If you are dealing with uncracked short term deflections as your starting point, the multiplier is in the order of 6 times the short term uncracked deflection to allow for cracking, shrinkage and creep.

But remember this is very approximate as Asixth mentioned.

 

[asixth]

I haven't read through the paper you posted in detail but it looks like it took the equation from the 2000 version of ACI-318. It gives a description of how shrinkage and creep affect the deflections of the slab but doesn't really provide an example. I have posted the relevent section of ACI318-05. If you look at section 9.5.2.5 it says:

"Unless values are obtained from a more comprehensive analysis, additional long-term deflection resulting from creep and shrinkage of flexural members shall be determined from multiplying the immediate deflection cause by the sustained load considered by a factor (lamba)."

So you then need to calculate the immediate deflection caused by load, this is you G+Service Q load case.

The additional deformations that are caused by creep and shrinkage are ESTIMATED by multiplying the sustanined load by a factor lamba.

This will give you a ESTIMATE of the long-term deformations, that is:

Long-term=Instantaneuos + Additional

You will need to find the loading code for your building board to get an idea of what factor of the design live load is included as instantaneous and sustained.

Take your stiffness of the section you are considering as Icracked, this will give you greater flexural deformations and rotations than what you would get if you used Igross.

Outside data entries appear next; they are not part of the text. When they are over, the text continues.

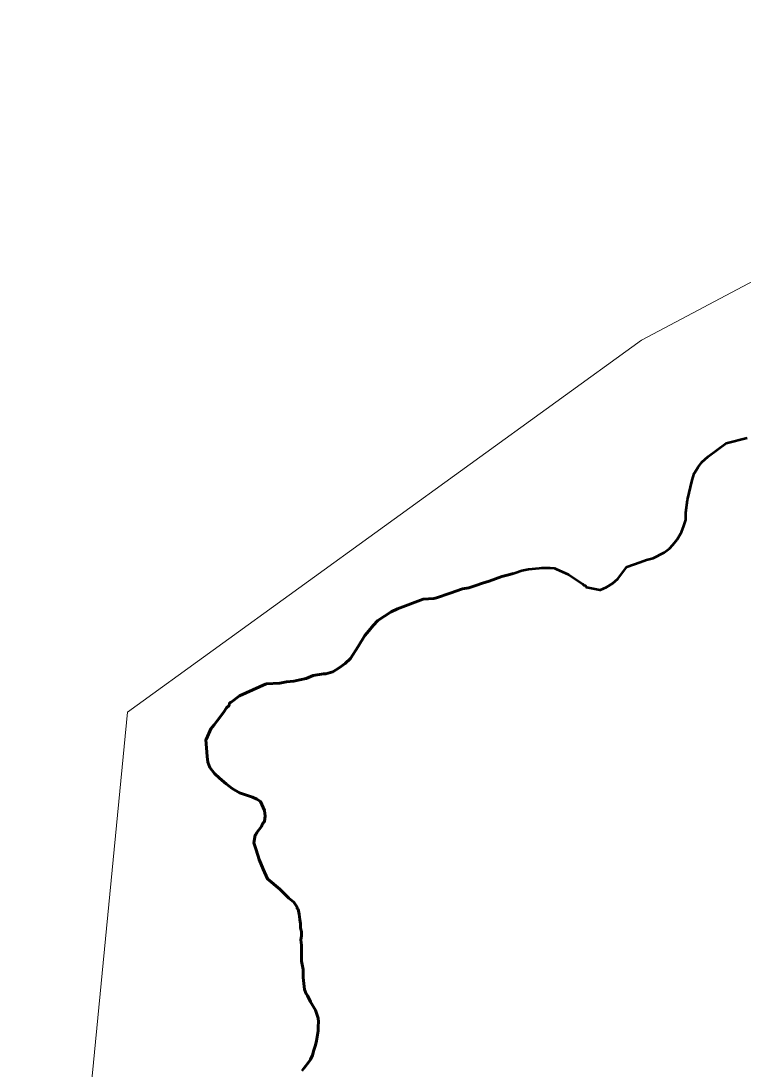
# Model space of a CAD drawing. Extents: x 553962 to 842807, y 8883888 to 9032388.
# Drawn here: x 804724 to 805290, y 9022731 to 9023555 of the extents above; entities that cross this region are included whole.
import ezdxf

# ---------------------------------------------------------------- set-up
doc = ezdxf.new("R2010")
doc.units = 0
doc.header["$LTSCALE"] = 200
doc.linetypes.add('LONG_DASH_SHORT_DASH', pattern=[9.9, 6, -1.2, 1.5, -1.2])
for name, color, linetype, lineweight in [('24', 7, 'Continuous', 25), ('27', 7, 'Continuous', 13), ('35', 7, 'Continuous', 13), ('7', 7, 'Continuous', 90), ('8', 7, 'Continuous', 13)]:
    doc.layers.add(name, color=color, linetype=linetype, lineweight=lineweight)

msp = doc.modelspace()

# ---------------------------------------------------------------- linework, layer by layer
at = {"layer": '24', "lineweight": 53}
for points in [[(804916.1, 9023034.1), (804926.8, 9023034.6), (804932.1, 9023035.8), (804937.8, 9023036.3), (804942.4, 9023037.2), (804947.4, 9023038.4), (804952.9, 9023040.7), (804961.2, 9023041.9), (804963, 9023042), (804968.3, 9023043.7), (804973.3, 9023046.8), (804978, 9023050), (804982.2, 9023054.1), (804988.3, 9023063.5), (804993.5, 9023072.2), (804996.7, 9023075.8), (805000, 9023079.9), (805003.8, 9023083.8), (805014.1, 9023090.7), (805019.2, 9023093), (805039.4, 9023100.6), (805047.7, 9023101.3), (805049.8, 9023101.6), (805060.4, 9023105.5), (805070.3, 9023108.7), (805075.2, 9023109.6), (805080.7, 9023111.3), (805085.9, 9023113.2), (805091.2, 9023114.7), (805101.2, 9023118.4), (805107.3, 9023120), (805111.6, 9023121.4), (805116.8, 9023123.3), (805121.9, 9023124.3), (805130.5, 9023125), (805132.4, 9023125.2), (805139.1, 9023125.3), (805142.3, 9023125), (805143.4, 9023124.6), (805153.3, 9023120.1), (805164.5, 9023112.7), (805165.5, 9023111.7), (805166.7, 9023111.5), (805167.1, 9023110.5), (805167.5, 9023110.2), (805177.9, 9023107.9), (805178.6, 9023108), (805183.2, 9023110.1), (805188, 9023113), (805192.1, 9023116.7), (805199.3, 9023126.1), (805204.3, 9023128), (805209.6, 9023129.7), (805214.6, 9023131.6), (805219.9, 9023133), (805228.6, 9023137.3), (805232.6, 9023140.6), (805235.3, 9023143.3), (805238.8, 9023147.6), (805242.1, 9023153.3), (805243.9, 9023158.3), (805245.4, 9023163.1), (805245.6, 9023168.8), (805246.8, 9023178.8), (805250.6, 9023194.3), (805252.1, 9023199.4), (805255.1, 9023204.3), (805258.1, 9023208.4), (805263.1, 9023212.8), (805277.1, 9023223.2), (805293.7, 9023227.4)], [(804908.1, 9022903.7), (804906.4, 9022909.2), (804907.4, 9022915.2), (804908.2, 9022916.1), (804908.7, 9022917.3), (804912.4, 9022922.1), (804913.2, 9022924.2), (804914.5, 9022925.6), (804914.8, 9022926.3), (804915.3, 9022930.3), (804914.7, 9022934.6), (804911.5, 9022941.6), (804908.7, 9022943.6), (804905.3, 9022945), (804895.2, 9022948.6), (804889.5, 9022952), (804884.6, 9022955.6), (804879.5, 9022960), (804875.5, 9022963.6), (804871.8, 9022968.5), (804870.4, 9022972.5), (804869.8, 9022977.1), (804868.8, 9022990.3), (804869.3, 9022990.9), (804872.7, 9022998.8), (804875.2, 9023001.9), (804877.5, 9023005.2), (804882.5, 9023011.5), (804885, 9023015.3), (804886.9, 9023017), (804887.4, 9023019.1), (804888.7, 9023019.7), (804895.1, 9023024.6), (804916.1, 9023034.1)], [(804913.8, 9022888.5), (804910.5, 9022896.2), (804908.1, 9022903.7)], [(804944.4, 9022730), (804945.5, 9022731.7), (804949.8, 9022737.3), (804950.9, 9022739.1), (804952.4, 9022742.5), (804953.4, 9022746.4), (804954.7, 9022750.3), (804955.5, 9022753.7), (804956.8, 9022761.6), (804956.9, 9022764.9), (804957.1, 9022768.5), (804956.8, 9022771.5), (804954.8, 9022777.8), (804951, 9022784.2), (804948.5, 9022789.2), (804947.4, 9022790.6), (804946.1, 9022794), (804945.1, 9022803.5), (804945.1, 9022809.8), (804943.8, 9022816.3), (804943.7, 9022828.8), (804943.4, 9022832.9), (804943.7, 9022836.1), (804943.7, 9022839.2), (804943.1, 9022842.5), (804943, 9022845.7), (804942.4, 9022849), (804942, 9022853.1), (804941.1, 9022857.1), (804940.5, 9022857.4), (804940.3, 9022858.6), (804937.7, 9022862.5), (804933.8, 9022865.7), (804926.9, 9022872.7), (804917.2, 9022880.9), (804913.8, 9022888.5)]]:
    msp.add_lwpolyline(points, dxfattribs=at)
at = {"layer": '27'}
for points in [[(805293.7, 9023227.4), (805277.1, 9023223.2), (805263.1, 9023212.8), (805258.1, 9023208.4), (805255.1, 9023204.3), (805252.1, 9023199.4), (805250.6, 9023194.3), (805246.8, 9023178.8), (805245.6, 9023168.8), (805245.4, 9023163.1), (805243.9, 9023158.3), (805242.1, 9023153.3), (805238.8, 9023147.6), (805235.3, 9023143.3), (805232.6, 9023140.6), (805228.6, 9023137.3), (805219.9, 9023133), (805214.6, 9023131.6), (805209.6, 9023129.7), (805204.3, 9023128), (805199.3, 9023126.1), (805192.1, 9023116.7), (805188, 9023113), (805183.2, 9023110.1), (805178.6, 9023108), (805177.9, 9023107.9), (805167.5, 9023110.2), (805167.1, 9023110.5), (805166.7, 9023111.5), (805165.5, 9023111.7), (805164.5, 9023112.7), (805153.3, 9023120.1), (805143.4, 9023124.6), (805142.3, 9023125), (805139.1, 9023125.3), (805132.4, 9023125.2), (805130.5, 9023125), (805121.9, 9023124.3), (805116.8, 9023123.3), (805111.6, 9023121.4), (805107.3, 9023120), (805101.2, 9023118.4), (805091.2, 9023114.7), (805085.9, 9023113.2), (805080.7, 9023111.3), (805075.2, 9023109.6), (805070.3, 9023108.7), (805060.4, 9023105.5), (805049.8, 9023101.6), (805047.7, 9023101.3), (805039.4, 9023100.6), (805019.2, 9023093), (805014.1, 9023090.7), (805003.8, 9023083.8), (805000, 9023079.9), (804996.7, 9023075.8), (804993.5, 9023072.2), (804988.3, 9023063.5), (804982.2, 9023054.1), (804978, 9023050), (804973.3, 9023046.8), (804968.3, 9023043.7), (804963, 9023042), (804961.2, 9023041.9), (804952.9, 9023040.7), (804947.4, 9023038.4), (804942.4, 9023037.2), (804937.8, 9023036.3), (804932.1, 9023035.8), (804926.8, 9023034.6), (804916.1, 9023034.1)], [(804916.1, 9023034.1), (804895.1, 9023024.6), (804888.7, 9023019.7), (804887.4, 9023019.1), (804886.9, 9023017), (804885, 9023015.3), (804882.5, 9023011.5), (804877.5, 9023005.2), (804875.2, 9023001.9), (804872.7, 9022998.8), (804869.3, 9022990.9), (804868.8, 9022990.3), (804869.8, 9022977.1), (804870.4, 9022972.5), (804871.8, 9022968.5), (804875.5, 9022963.6), (804879.5, 9022960), (804884.6, 9022955.6), (804889.5, 9022952), (804895.2, 9022948.6), (804905.3, 9022945), (804908.7, 9022943.6), (804911.5, 9022941.6), (804914.7, 9022934.6), (804915.3, 9022930.3), (804914.8, 9022926.3), (804914.5, 9022925.6), (804913.2, 9022924.2), (804912.4, 9022922.1), (804908.7, 9022917.3), (804908.2, 9022916.1), (804907.4, 9022915.2), (804906.4, 9022909.2), (804908.1, 9022903.7)], [(804908.1, 9022903.7), (804910.5, 9022896.2), (804913.8, 9022888.5)], [(804913.8, 9022888.5), (804917.2, 9022880.9), (804926.9, 9022872.7), (804933.8, 9022865.7), (804937.7, 9022862.5), (804940.3, 9022858.6), (804940.5, 9022857.4), (804941.1, 9022857.1), (804942, 9022853.1), (804942.4, 9022849), (804943, 9022845.7), (804943.1, 9022842.5), (804943.7, 9022839.2), (804943.7, 9022836.1), (804943.4, 9022832.9), (804943.7, 9022828.8), (804943.8, 9022816.3), (804945.1, 9022809.8), (804945.1, 9022803.5), (804946.1, 9022794), (804947.4, 9022790.6), (804948.5, 9022789.2), (804951, 9022784.2), (804954.8, 9022777.8), (804956.8, 9022771.5), (804957.1, 9022768.5), (804956.9, 9022764.9), (804956.8, 9022761.6), (804955.5, 9022753.7), (804954.7, 9022750.3), (804953.4, 9022746.4), (804952.4, 9022742.5), (804950.9, 9022739.1), (804949.8, 9022737.3), (804945.5, 9022731.7), (804944.4, 9022730)]]:
    msp.add_lwpolyline(points, dxfattribs=at)
at = {"layer": '35'}
for points in [[(805293.7, 9023227.4), (805277.1, 9023223.2), (805263.1, 9023212.8), (805258.1, 9023208.4), (805255.1, 9023204.3), (805252.1, 9023199.4), (805250.6, 9023194.3), (805246.8, 9023178.8), (805245.6, 9023168.8), (805245.4, 9023163.1), (805243.9, 9023158.3), (805242.1, 9023153.3), (805238.8, 9023147.6), (805235.3, 9023143.3), (805232.6, 9023140.6), (805228.6, 9023137.3), (805219.9, 9023133), (805214.6, 9023131.6), (805209.6, 9023129.7), (805204.3, 9023128), (805199.3, 9023126.1), (805192.1, 9023116.7), (805188, 9023113), (805183.2, 9023110.1), (805178.6, 9023108), (805177.9, 9023107.9), (805167.5, 9023110.2), (805167.1, 9023110.5), (805166.7, 9023111.5), (805165.5, 9023111.7), (805164.5, 9023112.7), (805153.3, 9023120.1), (805143.4, 9023124.6), (805142.3, 9023125), (805139.1, 9023125.3), (805132.4, 9023125.2), (805130.5, 9023125), (805121.9, 9023124.3), (805116.8, 9023123.3), (805111.6, 9023121.4), (805107.3, 9023120), (805101.2, 9023118.4), (805091.2, 9023114.7), (805085.9, 9023113.2), (805080.7, 9023111.3), (805075.2, 9023109.6), (805070.3, 9023108.7), (805060.4, 9023105.5), (805049.8, 9023101.6), (805047.7, 9023101.3), (805039.4, 9023100.6), (805019.2, 9023093), (805014.1, 9023090.7), (805003.8, 9023083.8), (805000, 9023079.9), (804996.7, 9023075.8), (804993.5, 9023072.2), (804988.3, 9023063.5), (804982.2, 9023054.1), (804978, 9023050), (804973.3, 9023046.8), (804968.3, 9023043.7), (804963, 9023042), (804961.2, 9023041.9), (804952.9, 9023040.7), (804947.4, 9023038.4), (804942.4, 9023037.2), (804937.8, 9023036.3), (804932.1, 9023035.8), (804926.8, 9023034.6), (804916.1, 9023034.1)], [(804916.1, 9023034.1), (804895.1, 9023024.6), (804888.7, 9023019.7), (804887.4, 9023019.1), (804886.9, 9023017), (804885, 9023015.3), (804882.5, 9023011.5), (804877.5, 9023005.2), (804875.2, 9023001.9), (804872.7, 9022998.8), (804869.3, 9022990.9), (804868.8, 9022990.3), (804869.8, 9022977.1), (804870.4, 9022972.5), (804871.8, 9022968.5), (804875.5, 9022963.6), (804879.5, 9022960), (804884.6, 9022955.6), (804889.5, 9022952), (804895.2, 9022948.6), (804905.3, 9022945), (804908.7, 9022943.6), (804911.5, 9022941.6), (804914.7, 9022934.6), (804915.3, 9022930.3), (804914.8, 9022926.3), (804914.5, 9022925.6), (804913.2, 9022924.2), (804912.4, 9022922.1), (804908.7, 9022917.3), (804908.2, 9022916.1), (804907.4, 9022915.2), (804906.4, 9022909.2), (804908.1, 9022903.7)], [(804908.1, 9022903.7), (804910.5, 9022896.2), (804913.8, 9022888.5)], [(804913.8, 9022888.5), (804917.2, 9022880.9), (804926.9, 9022872.7), (804933.8, 9022865.7), (804937.7, 9022862.5), (804940.3, 9022858.6), (804940.5, 9022857.4), (804941.1, 9022857.1), (804942, 9022853.1), (804942.4, 9022849), (804943, 9022845.7), (804943.1, 9022842.5), (804943.7, 9022839.2), (804943.7, 9022836.1), (804943.4, 9022832.9), (804943.7, 9022828.8), (804943.8, 9022816.3), (804945.1, 9022809.8), (804945.1, 9022803.5), (804946.1, 9022794), (804947.4, 9022790.6), (804948.5, 9022789.2), (804951, 9022784.2), (804954.8, 9022777.8), (804956.8, 9022771.5), (804957.1, 9022768.5), (804956.9, 9022764.9), (804956.8, 9022761.6), (804955.5, 9022753.7), (804954.7, 9022750.3), (804953.4, 9022746.4), (804952.4, 9022742.5), (804950.9, 9022739.1), (804949.8, 9022737.3), (804945.5, 9022731.7), (804944.4, 9022730)]]:
    msp.add_lwpolyline(points, dxfattribs=at)
at = {"layer": '7', "linetype": 'LONG_DASH_SHORT_DASH', "lineweight": 60}
for points in [[(804916.1, 9023034.1), (804926.8, 9023034.6), (804932.1, 9023035.8), (804937.8, 9023036.3), (804942.4, 9023037.2), (804947.4, 9023038.4), (804952.9, 9023040.7), (804961.2, 9023041.9), (804963, 9023042), (804968.3, 9023043.7), (804973.3, 9023046.8), (804978, 9023050), (804982.2, 9023054.1), (804988.3, 9023063.5), (804993.5, 9023072.2), (804996.7, 9023075.8), (805000, 9023079.9), (805003.8, 9023083.8), (805014.1, 9023090.7), (805019.2, 9023093), (805039.4, 9023100.6), (805047.7, 9023101.3), (805049.8, 9023101.6), (805060.4, 9023105.5), (805070.3, 9023108.7), (805075.2, 9023109.6), (805080.7, 9023111.3), (805085.9, 9023113.2), (805091.2, 9023114.7), (805101.2, 9023118.4), (805107.3, 9023120), (805110, 9023120.9)], [(804908.1, 9022903.7), (804906.4, 9022909.2), (804907.4, 9022915.2), (804908.2, 9022916.1), (804908.7, 9022917.3), (804912.4, 9022922.1), (804913.2, 9022924.2), (804914.5, 9022925.6), (804914.8, 9022926.3), (804915.3, 9022930.3), (804914.7, 9022934.6), (804911.5, 9022941.6), (804908.7, 9022943.6), (804905.3, 9022945), (804895.2, 9022948.6), (804889.5, 9022952), (804884.6, 9022955.6), (804879.5, 9022960), (804875.5, 9022963.6), (804871.8, 9022968.5), (804870.4, 9022972.5), (804869.8, 9022977.1), (804868.8, 9022990.3), (804869.3, 9022990.9), (804872.7, 9022998.8), (804875.2, 9023001.9), (804877.5, 9023005.2), (804882.5, 9023011.5), (804885, 9023015.3), (804886.9, 9023017), (804887.4, 9023019.1), (804888.7, 9023019.7), (804895.1, 9023024.6), (804916.1, 9023034.1)], [(804913.8, 9022888.5), (804910.5, 9022896.2), (804908.1, 9022903.7)], [(804945.5, 9022731.7), (804949.8, 9022737.3), (804950.9, 9022739.1), (804952.4, 9022742.5), (804953.4, 9022746.4), (804954.7, 9022750.3), (804955.5, 9022753.7), (804956.8, 9022761.6), (804956.9, 9022764.9), (804957.1, 9022768.5), (804956.8, 9022771.5), (804954.8, 9022777.8), (804951, 9022784.2), (804948.5, 9022789.2), (804947.4, 9022790.6), (804946.1, 9022794), (804945.1, 9022803.5), (804945.1, 9022809.8), (804943.8, 9022816.3), (804943.7, 9022828.8), (804943.4, 9022832.9), (804943.7, 9022836.1), (804943.7, 9022839.2), (804943.1, 9022842.5), (804943, 9022845.7), (804942.4, 9022849), (804942, 9022853.1), (804941.1, 9022857.1), (804940.5, 9022857.4), (804940.3, 9022858.6), (804937.7, 9022862.5), (804933.8, 9022865.7), (804926.9, 9022872.7), (804917.2, 9022880.9), (804913.8, 9022888.5)]]:
    msp.add_lwpolyline(points, dxfattribs=at)
at = {"layer": '8'}
msp.add_lwpolyline([(804723.6, 9022148.4), (804807.1, 9023011.8), (805210.8, 9023304.3), (805684.1, 9023555), (806344.2, 9022695.6), (806740, 9021665.8), (807994.8, 9022273.7), (808440.2, 9022162.3)], dxfattribs=at)

doc.saveas('drawing.dxf')

You should be performing a more comprehensive analysis to calculate creep and shrinkage effects in rc structures. Most design packages these days are very useable and a quick frame run can be set up and modified easily so slab depths can be calculated for your given span and loading. This is for both preliminary and detailed designs.

 

[UcfSE]

sundy, there is no 318-00.

The 318-05 shows what you want in 9.5.2.5. Essentially, you estimate additional long-term deflection as a multiplier of the short-term. The mulitplier is calculated. 2.0 is the worst-case result of that calculation. So to get total deflection, you add long-term plus short-term and get 3 times the short-term.

 

[sundy]

sundy, there is no 318-00.

Please read the papers(pdf format)I post above, it references ACI318-2000. Why?

 

[UcfSE]

Could be a mistake.

 

[rapt]

The normal logic is to use a LT deflection multiplier of 2 and divide the LL into short term and long term portions so

short term deflection = DL + STLL + LTLL

Total long term deflection = 3 * DL + 3 * LTLL + 1 * (STLL - LTLL)
It STLL = 1.0LL and LTLL = .25LL (asixths figures were from the Australian code) as it does for ACI then
Total long term deflection = 3 * DL + 3 * .25 LL + 1 * .75LL

= 3 * DL + 1.5 * LL

The reason for this is that only the LT LL is applied for the creep and shrinkage calculations.

If you want to do it better, you should use a computer program that will do it properly for you, like Sophystic (spelling terrible) or RAPT, because the fudbge factor method above is very unreliable and variable depending on the design! For example, in a bad design I have seen Llambda factors as high as 6 and as low as 2.